Закрывая дверь, я услышал:
— За словом в карман не лезет молодое поколение.
Амбала с блонд на площадке не было.
Меня провожал знакомый голос, сотни раз слышанный, наизусть вызубренный и все же (или — именно поэтому?) любимый текст: «Набормочут: не люби ее такую, напророчат: до рассвета заживет, наколдуют, нагадают, накукуют... А она на нашей улице живет!» Чья-то рука, с яростью нажав клавишу, вырубила звук. Скажи мне, какой шлягер ты любишь, и я скажу, кто ты. Позже, много лет спустя, я написал эссе «Шлягер», сравнивая, кроме всего прочего, особенности текста песни, романса, шлягера, поэтического текста; их взаимоисключение, взаимовлияние и т. д. и т. п. О шлягерах я говорил и в статье «Пошлость бессмертна», задавая дидактический вопрос — и тут же на него риторически отвечая: «Почему человек так любит пошлость? Да потому, что она бессмертна».
День был испорчен, отравлен; эпизод показался мне крайне неприятным, хотя формально придраться было не к чему.
В довершение всего Настасья и словом не обмолвилась о полученном ею письме. Я не стал спрашивать, кто ей пишет и о чем. Я знал — впрямую мне она врать не станет. А говорить ей не хотелось. Каюсь: я воровски заглянул в ее беззащитную сумочку — письма там не было. Она спрятала его на работе. Спрятала от меня. Она и глаза прятала. Озабочена, занята, при деле. Она хлопотала на кухне, решила ни с того ни с сего печь пирожки. Я из комнаты спросил:
— Кто такой этот твой знакомый с красной авторучкой, с которым мы виделись у Коли?
Она грохнула крышкой духовки.
— Почему ты спросил?
— Он сегодня приплыл ко мне на Академический остров.
Звук разбившейся посуды: чашка? тарелка? Я не пошел смотреть. Настасья возникла на пороге комнаты.
— Как это приплыл?
— На скампавее. На шняве. На железном острове. На гондоле. На подлодке. Откуда я знаю на чем? На плавсредстве. Сидел в соседнем подразделении. Хотел меня повидать. Повидались.
— О чем он с тобой говорил?
— О моих планах на будущее.
— А обо мне?
— Ни-ни.
— Правда?
— Правда.
— Какие такие, — спросила она, заметно повеселев, — планы на будущее?

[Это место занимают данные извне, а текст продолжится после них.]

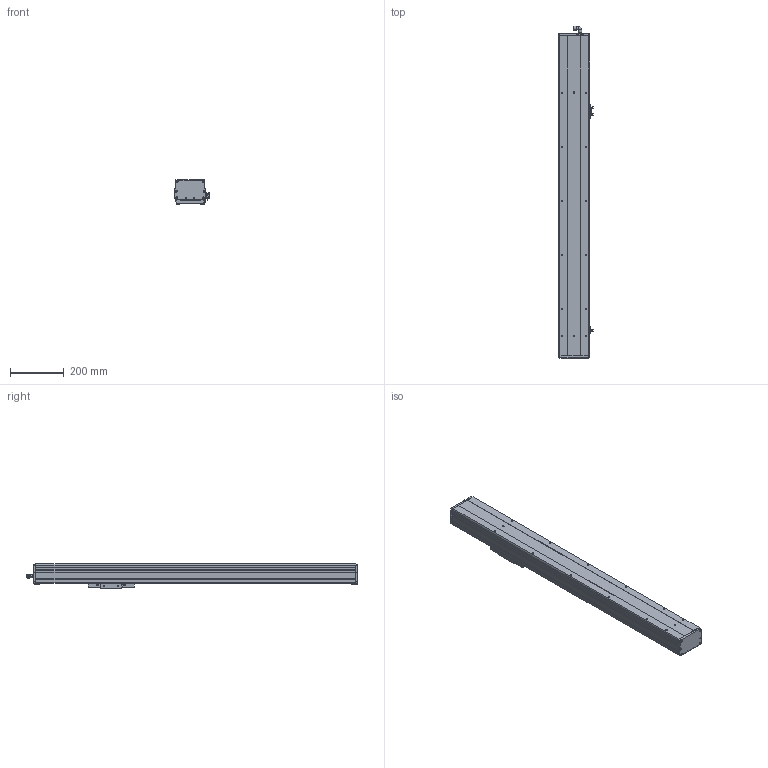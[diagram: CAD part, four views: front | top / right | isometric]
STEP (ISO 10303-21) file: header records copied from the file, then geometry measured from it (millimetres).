
FILE_DESCRIPTION (( 'STEP AP203' ), '1' );
FILE_NAME ('16.STEP', '2021-01-06T03:32:45', ( '' ), ( '' ), 'SwSTEP 2.0', 'SolidWorks 2016', '' );
FILE_SCHEMA (( 'CONFIG_CONTROL_DESIGN' ));
Length unit declared in the file: millimetre
Products named in the file (9): 16; BCH11-M-HZ-01; BCH11-M-01; BCH11-M-02; BCH11-M-05; BCH11-M-10; BCH11-M-菁釱; BCH11-M-06; BCH11-M-04
Assembly tree (11 placements, depth 2):
  16
    BCH11-M-菁釱
    BCH11-M-HZ-01
    BCH11-M-01
    BCH11-M-02  x2
    BCH11-M-04  x3
    BCH11-M-05
    BCH11-M-06
    BCH11-M-10
Bounding box: 127.7 x 1230.93 x 90 mm (x, y, z)
Volume: 3157305.3 mm3; surface area: 1022375.3 mm2
Topology: 19 solids, 19 shells, 1193 faces, 3051 edges, 1928 vertices
Faces by surface type: plane 737, cylinder 346, cone 84, bspline 12, sphere 12, torus 2
Entity records: 29028 total; most frequent: CARTESIAN_POINT 5192, DIRECTION 4855, ORIENTED_EDGE 4610, EDGE_CURVE 2305, AXIS2_PLACEMENT_3D 1645, LINE 1565, VECTOR 1565, VERTEX_POINT 1476
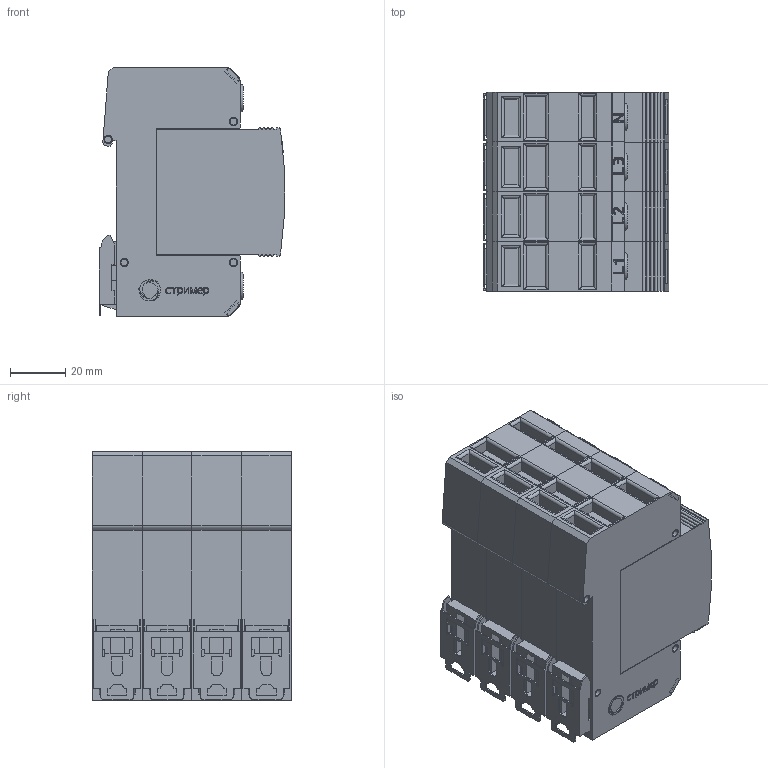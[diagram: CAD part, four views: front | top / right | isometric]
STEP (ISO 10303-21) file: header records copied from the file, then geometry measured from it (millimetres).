
FILE_DESCRIPTION(('TFLEX Exchange Step'),'2;1');
FILE_NAME('X2\041004400442\X0\.114_004_без контакта ДС.stp', '2022-08-30T13:57:43+03:00',('Ivan Berdigulov'),('Unknown organisation'),'TFLEX Exchange 2019.2','T-FLEX CAD','Unknown authorisation');
FILE_SCHEMA( ('AUTOMOTIVE_DESIGN { 1 0 10303 214 1 1 1 1 }') );
Length unit declared in the file: millimetre
Products named in the file (2): 0
Assembly tree (1 placements, depth 2):
  0
    0
Bounding box: 66.98 x 72.1 x 90.16 mm (x, y, z)
Volume: 344564.5 mm3; surface area: 96592.9 mm2
Topology: 123 solids, 123 shells, 1962 faces, 5006 edges, 3326 vertices
Faces by surface type: plane 1256, cylinder 398, bspline 300, torus 8
Full cylindrical faces by diameter (mm): 2.5 x48, 3 x48
Entity records: 85833 total; most frequent: CARTESIAN_POINT 40049, ORIENTED_EDGE 9804, DIRECTION 8226, EDGE_CURVE 4902, VERTEX_POINT 3326, VECTOR 3248, LINE 3248, AXIS2_PLACEMENT_3D 2489

— Я сказал ему, что моя мечта — стать патологоанатомом, проводить дни и ночи в компании покойников.
— Никогда, — сказала она серьезно, — не поминай покойников к ночи. Особенно вслух.
— Иди ко мне. Иди сюда.
— Пирожки сгорят.
— Выключи духовку. При чем тут пирожки? Тоже мне, Маша и медведь. Я сам пойду выключу.
— Это несерьезно.
— Чем несерьезней, тем серьезней, ты еще не поняла?